## [What to produce]
Within the data below, state how many lines contain the string "Retaining". Provide the number only.

## [Records from a collection]
=== Section Start ===
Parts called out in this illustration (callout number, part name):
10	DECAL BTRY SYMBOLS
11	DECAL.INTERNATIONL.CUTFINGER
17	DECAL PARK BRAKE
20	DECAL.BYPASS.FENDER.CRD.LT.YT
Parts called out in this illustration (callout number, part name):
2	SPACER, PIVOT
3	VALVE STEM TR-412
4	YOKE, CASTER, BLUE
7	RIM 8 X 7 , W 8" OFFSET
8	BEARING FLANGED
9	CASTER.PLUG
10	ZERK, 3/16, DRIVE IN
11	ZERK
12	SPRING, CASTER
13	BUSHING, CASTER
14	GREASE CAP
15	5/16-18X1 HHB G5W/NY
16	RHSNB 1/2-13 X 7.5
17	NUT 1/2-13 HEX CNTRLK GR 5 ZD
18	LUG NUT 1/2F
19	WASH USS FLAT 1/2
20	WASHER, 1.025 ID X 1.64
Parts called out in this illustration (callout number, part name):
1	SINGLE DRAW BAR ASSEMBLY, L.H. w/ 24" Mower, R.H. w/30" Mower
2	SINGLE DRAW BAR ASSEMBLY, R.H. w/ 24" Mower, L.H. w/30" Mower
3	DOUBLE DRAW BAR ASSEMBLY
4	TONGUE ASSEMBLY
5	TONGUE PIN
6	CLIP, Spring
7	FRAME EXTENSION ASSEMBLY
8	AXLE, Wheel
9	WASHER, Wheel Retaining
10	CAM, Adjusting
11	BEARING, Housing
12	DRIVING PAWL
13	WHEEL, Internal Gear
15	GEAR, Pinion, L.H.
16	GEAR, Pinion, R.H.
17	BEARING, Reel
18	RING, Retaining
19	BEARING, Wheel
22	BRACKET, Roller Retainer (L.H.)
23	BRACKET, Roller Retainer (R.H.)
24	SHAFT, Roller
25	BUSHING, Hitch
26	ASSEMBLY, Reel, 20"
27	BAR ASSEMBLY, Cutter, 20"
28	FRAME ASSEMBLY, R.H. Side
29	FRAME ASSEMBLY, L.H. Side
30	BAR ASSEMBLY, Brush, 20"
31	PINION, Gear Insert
=== Section End ===
=== Section Start ===
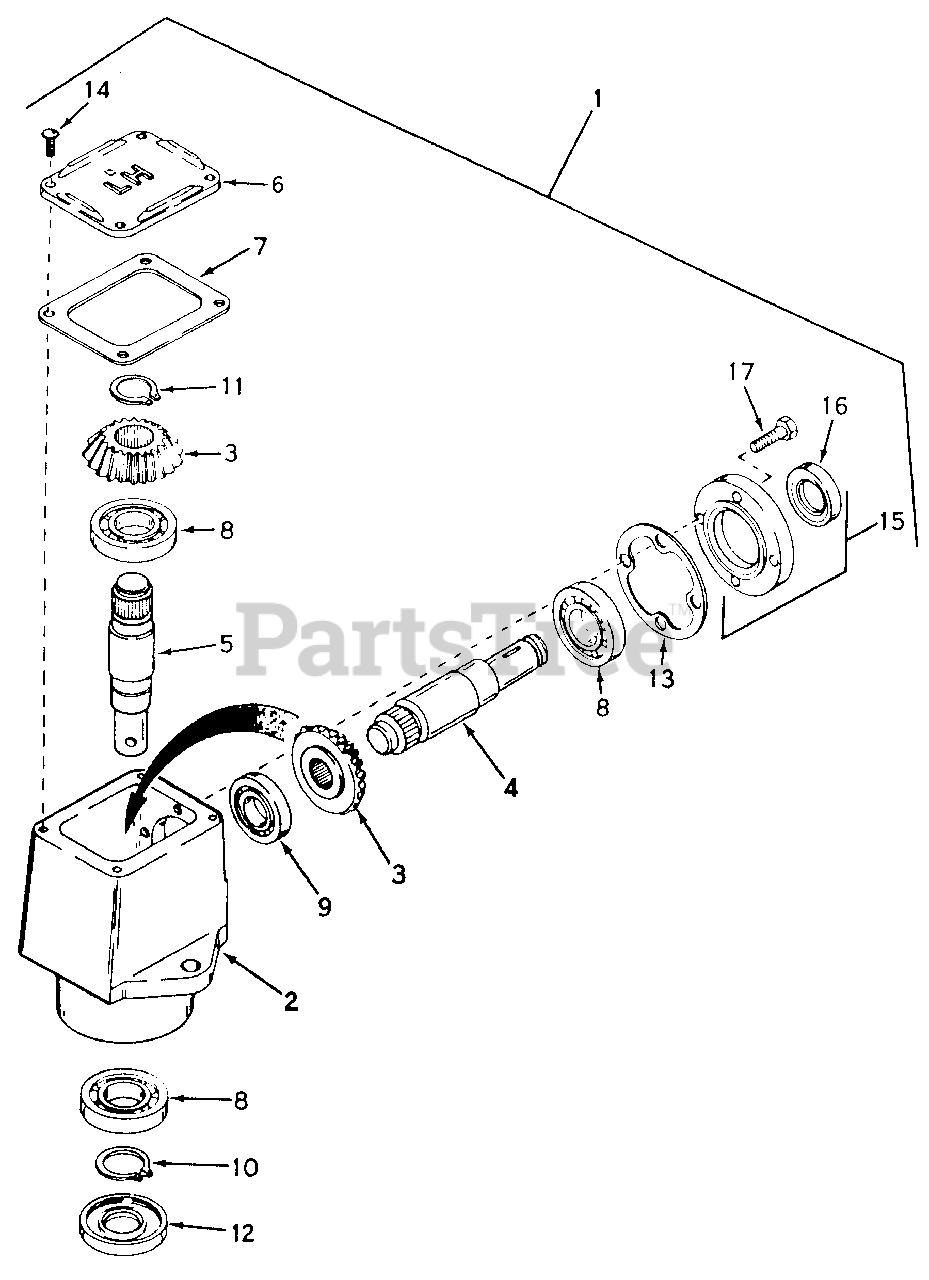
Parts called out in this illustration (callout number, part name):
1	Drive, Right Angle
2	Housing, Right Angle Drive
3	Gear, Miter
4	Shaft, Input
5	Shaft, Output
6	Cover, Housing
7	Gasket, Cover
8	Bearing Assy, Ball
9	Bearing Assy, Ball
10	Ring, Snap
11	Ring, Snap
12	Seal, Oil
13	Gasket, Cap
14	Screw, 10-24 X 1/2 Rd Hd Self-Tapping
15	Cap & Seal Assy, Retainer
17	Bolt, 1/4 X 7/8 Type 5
=== Section End ===
## [Output of the task]
2